Edit: Deterministic reproducer:

using Ferrite, FerriteGmsh, SparseArrays
grid = generate_grid(Hexahedron, (2,1,1));
grid  = ForestBWG(grid,10)

function adapt_mesh_random_sequence(initial_grid, nctor = 5)
    grid = deepcopy(initial_grid)

    transfered_grid = Ferrite.creategrid(grid)
    vtk_grid("amr-grid_initial", transfered_grid) do vtk
    end

    Ferrite.refine!(grid, [1,2])
    Ferrite.balanceforest!(grid)
    Ferrite.refine!(grid, [4])
    Ferrite.balanceforest!(grid)
    Ferrite.refine!(grid, [5])
    Ferrite.balanceforest!(grid)
    
    transfered_grid = Ferrite.creategrid(grid)
    vtk_grid("amr-grid_broken", transfered_grid) do vtk
    end
end

adapt_mesh_random_sequence(grid)

[koehlerson]

looks correctly balanced to me, but throws nested affine constraints

[termi-official]

Dumping this one for later

using Ferrite, FerriteGmsh, SparseArrays
grid = generate_grid(Hexahedron, (3,3,2));
function random_deformation_field(x::Vec{sdim}) where sdim
    if any(x .≈ -1.0) || any(x .≈ 1.0)
        return x
    else
        Vec{sdim}(x .+ (rand(sdim).-0.5)*0.15)
    end
end
transform_coordinates!(grid, random_deformation_field)
grid  = ForestBWG(grid,10)

analytical_solution(x) = atan(2*(norm(x)-0.5)/0.02)
analytical_rhs(x) = -laplace(analytical_solution,x)
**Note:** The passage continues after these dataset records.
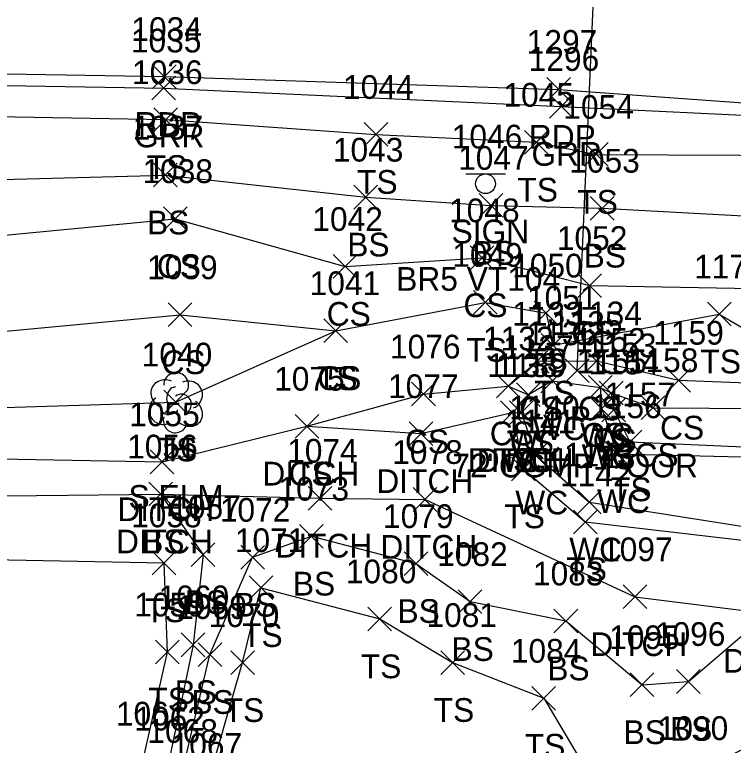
# Model space of a CAD drawing. Extents: x 1514253 to 1516033, y 782541 to 785002.
# Drawn here: x 1515259.8 to 1515320.5, y 782627.7 to 782689.3 of the extents above; entities that cross this region are included whole.
import ezdxf

# ---------------------------------------------------------------- set-up
doc = ezdxf.new("R2010")
doc.units = 0
for name, color, linetype in [('D_A', 7, 'Continuous'), ('D_C', 7, 'Continuous'), ('D_I', 7, 'Continuous'), ('D_TIC', 7, 'Continuous'), ('DCP', 7, 'Continuous'), ('DD', 7, 'Continuous'), ('L_A', 7, 'Continuous'), ('L_C', 7, 'Continuous'), ('L_I', 7, 'Continuous'), ('L_TIC', 7, 'Continuous'), ('LAWE', 7, 'Continuous'), ('LELB', 7, 'Continuous'), ('LTD', 7, 'Continuous'), ('P_A', 7, 'Continuous'), ('P_I', 7, 'Continuous'), ('P_TIC', 7, 'Continuous'), ('PET', 7, 'Continuous'), ('R_A', 7, 'Continuous'), ('R_I', 7, 'Continuous'), ('R_TIC', 7, 'Continuous'), ('RGR', 7, 'Continuous'), ('S_A', 7, 'Continuous'), ('S_C', 7, 'Continuous'), ('S_I', 7, 'Continuous'), ('SSGN', 7, 'Continuous')]:
    doc.layers.add(name, color=color, linetype=linetype)

msp = doc.modelspace()

# ---------------------------------------------------------------- linework, layer by layer
at = {"layer": 'D_TIC'}
for points in [[(1515306.297, 782658.246), (1515308.297, 782660.246)], [(1515308.297, 782658.246), (1515306.297, 782660.246)], [(1515300.839, 782654.709), (1515302.839, 782656.709)], [(1515302.839, 782654.709), (1515300.839, 782656.709)], [(1515301.59, 782654.701), (1515303.59, 782656.701)], [(1515303.59, 782654.701), (1515301.59, 782656.701)], [(1515283.508, 782653.562), (1515285.508, 782655.562)], [(1515285.508, 782653.562), (1515283.508, 782655.562)], [(1515293.121, 782652.933), (1515295.121, 782654.933)], [(1515295.121, 782652.933), (1515293.121, 782654.933)], [(1515271.278, 782650.56), (1515273.278, 782652.56)], [(1515273.278, 782650.56), (1515271.278, 782652.56)], [(1515271.163, 782647.844), (1515273.163, 782649.844)], [(1515273.163, 782647.844), (1515271.163, 782649.844)], [(1515284.608, 782647.488), (1515286.608, 782649.488)], [(1515286.608, 782647.488), (1515284.608, 782649.488)], [(1515293.464, 782647.384), (1515295.464, 782649.384)], [(1515295.464, 782647.384), (1515293.464, 782649.384)], [(1515311.17, 782639.182), (1515313.17, 782641.182)], [(1515313.17, 782639.182), (1515311.17, 782641.182)]]:
    msp.add_lwpolyline(points, dxfattribs=at)
at = {"layer": 'DCP'}
msp.add_lwpolyline([(1515307.297, 782659.246), (1515310.82, 782739.152)], dxfattribs=at)
at = {"layer": 'DD'}
for points in [[(1515199.546, 782651.884), (1515235.764, 782652.236), (1515272.278, 782651.56), (1515284.508, 782654.562), (1515294.121, 782653.933), (1515301.839, 782655.709), (1515302.59, 782655.701)], [(1515199.394, 782648.84), (1515235.483, 782648.45), (1515272.163, 782648.844), (1515285.608, 782648.488), (1515294.464, 782648.384), (1515312.17, 782640.182), (1515323.367, 782638.781), (1515329.306, 782640.309), (1515333.451, 782637.848), (1515333.036, 782633.949), (1515334.721, 782622.814), (1515328.394, 782601.12)]]:
    msp.add_lwpolyline(points, dxfattribs=at)
at = {"layer": 'L_TIC'}
for points in [[(1515271.581, 782679.406), (1515273.581, 782681.406)], [(1515273.581, 782679.406), (1515271.581, 782681.406)], [(1515289.322, 782678.158), (1515291.322, 782680.158)], [(1515291.322, 782678.158), (1515289.322, 782680.158)], [(1515302.85, 782677.499), (1515304.85, 782679.499)], [(1515304.85, 782677.499), (1515302.85, 782679.499)], [(1515307.9, 782676.477), (1515309.9, 782678.477)], [(1515309.9, 782676.477), (1515307.9, 782678.477)], [(1515271.569, 782674.732), (1515273.569, 782676.732)], [(1515273.569, 782674.732), (1515271.569, 782676.732)], [(1515288.461, 782672.873), (1515290.461, 782674.873)], [(1515290.461, 782672.873), (1515288.461, 782674.873)], [(1515299.027, 782672.178), (1515301.027, 782674.178)], [(1515301.027, 782672.178), (1515299.027, 782674.178)], [(1515308.403, 782671.939), (1515310.403, 782673.939)], [(1515310.403, 782671.939), (1515308.403, 782673.939)], [(1515272.401, 782671.059), (1515274.401, 782673.059)], [(1515274.401, 782671.059), (1515272.401, 782673.059)], [(1515298.264, 782667.757), (1515300.264, 782669.757)], [(1515300.264, 782667.757), (1515298.264, 782669.757)], [(1515286.729, 782667.029), (1515288.729, 782669.029)], [(1515288.729, 782667.029), (1515286.729, 782669.029)], [(1515307.354, 782665.42), (1515309.354, 782667.42)], [(1515309.354, 782665.42), (1515307.354, 782667.42)], [(1515298.54, 782664.004), (1515300.54, 782666.004)], [(1515300.54, 782664.004), (1515298.54, 782666.004)], [(1515272.8, 782662.957), (1515274.8, 782664.957)], [(1515274.8, 782662.957), (1515272.8, 782664.957)], [(1515303.675, 782663.101), (1515305.675, 782665.101)], [(1515305.675, 782663.101), (1515303.675, 782665.101)], [(1515318.285, 782663.015), (1515320.285, 782665.015)], [(1515320.285, 782663.015), (1515318.285, 782665.015)], [(1515285.933, 782661.615), (1515287.933, 782663.615)], [(1515287.933, 782661.615), (1515285.933, 782663.615)], [(1515285.933, 782661.615), (1515287.933, 782663.615)], [(1515287.933, 782661.615), (1515285.933, 782663.615)], [(1515304.267, 782660.39), (1515306.267, 782662.39)], [(1515306.267, 782660.39), (1515304.267, 782662.39)], [(1515302.943, 782659.043), (1515304.943, 782661.043)], [(1515304.943, 782659.043), (1515302.943, 782661.043)], [(1515307.932, 782659.064), (1515309.932, 782661.064)], [(1515309.932, 782659.064), (1515307.932, 782661.064)], [(1515304.221, 782657.389), (1515306.221, 782659.389)], [(1515306.221, 782657.389), (1515304.221, 782659.389)], [(1515304.221, 782657.389), (1515306.221, 782659.389)], [(1515306.221, 782657.389), (1515304.221, 782659.389)], [(1515314.851, 782657.437), (1515316.851, 782659.437)], [(1515316.851, 782657.437), (1515314.851, 782659.437)], [(1515300.485, 782656.951), (1515302.485, 782658.951)], [(1515302.485, 782656.951), (1515300.485, 782658.951)], [(1515300.485, 782656.951), (1515302.485, 782658.951)], [(1515302.485, 782656.951), (1515300.485, 782658.951)], [(1515308.247, 782656.829), (1515310.247, 782658.829)], [(1515310.247, 782656.829), (1515308.247, 782658.829)], [(1515308.247, 782656.829), (1515310.247, 782658.829)], [(1515310.247, 782656.829), (1515308.247, 782658.829)], [(1515293.334, 782656.273), (1515295.334, 782658.273)], [(1515295.334, 782656.273), (1515293.334, 782658.273)], [(1515302.181, 782656.217), (1515304.181, 782658.217)], [(1515304.181, 782656.217), (1515302.181, 782658.217)], [(1515302.181, 782656.217), (1515304.181, 782658.217)], [(1515304.181, 782656.217), (1515302.181, 782658.217)], [(1515309.163, 782656.372), (1515311.163, 782658.372)], [(1515311.163, 782656.372), (1515309.163, 782658.372)], [(1515309.163, 782656.372), (1515311.163, 782658.372)], [(1515311.163, 782656.372), (1515309.163, 782658.372)], [(1515272.423, 782655.598), (1515274.423, 782657.598)], [(1515274.423, 782655.598), (1515272.423, 782657.598)], [(1515300.839, 782654.709), (1515302.839, 782656.709)], [(1515302.839, 782654.709), (1515300.839, 782656.709)], [(1515308.37, 782655.024), (1515310.37, 782657.024)], [(1515310.37, 782655.024), (1515308.37, 782657.024)], [(1515309.383, 782654.934), (1515311.383, 782656.934)], [(1515311.383, 782654.934), (1515309.383, 782656.934)], [(1515312.696, 782655.121), (1515314.696, 782657.121)], [(1515314.696, 782655.121), (1515312.696, 782657.121)], [(1515301.59, 782654.701), (1515303.59, 782656.701)], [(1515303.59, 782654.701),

function assemble_cell!(ke, fe, cellvalues, ue, coords)
    fill!(ke, 0.0)
    fill!(fe, 0.0)

    n_basefuncs = getnbasefunctions(cellvalues)
    for q_point in 1:getnquadpoints(cellvalues)
        x = spatial_coordinate(cellvalues, q_point, coords)
        dΩ = getdetJdV(cellvalues, q_point)
        for i in 1:n_basefuncs
            Nᵢ = shape_value(cellvalues, q_point, i)
            ∇Nᵢ = shape_gradient(cellvalues, q_point, i)# shape_symmetric_gradient(cellvalues, q_point, i)
            fe[i] += analytical_rhs(x) * Nᵢ * dΩ # add internal force to residual
            for j in 1:n_basefuncs
                ∇Nⱼ = shape_gradient(cellvalues, q_point, j)
                ke[i, j] += ∇Nⱼ ⋅ ∇Nᵢ * dΩ
            end
        end
    end
end

function assemble_global!(K, f, a, dh, cellvalues)
    ## Allocate the element stiffness matrix and element force vector
    n_basefuncs = getnbasefunctions(cellvalues)
    ke = zeros(n_basefuncs, n_basefuncs)
    fe = zeros(n_basefuncs)
    ## Create an assembler
    assembler = start_assemble(K, f)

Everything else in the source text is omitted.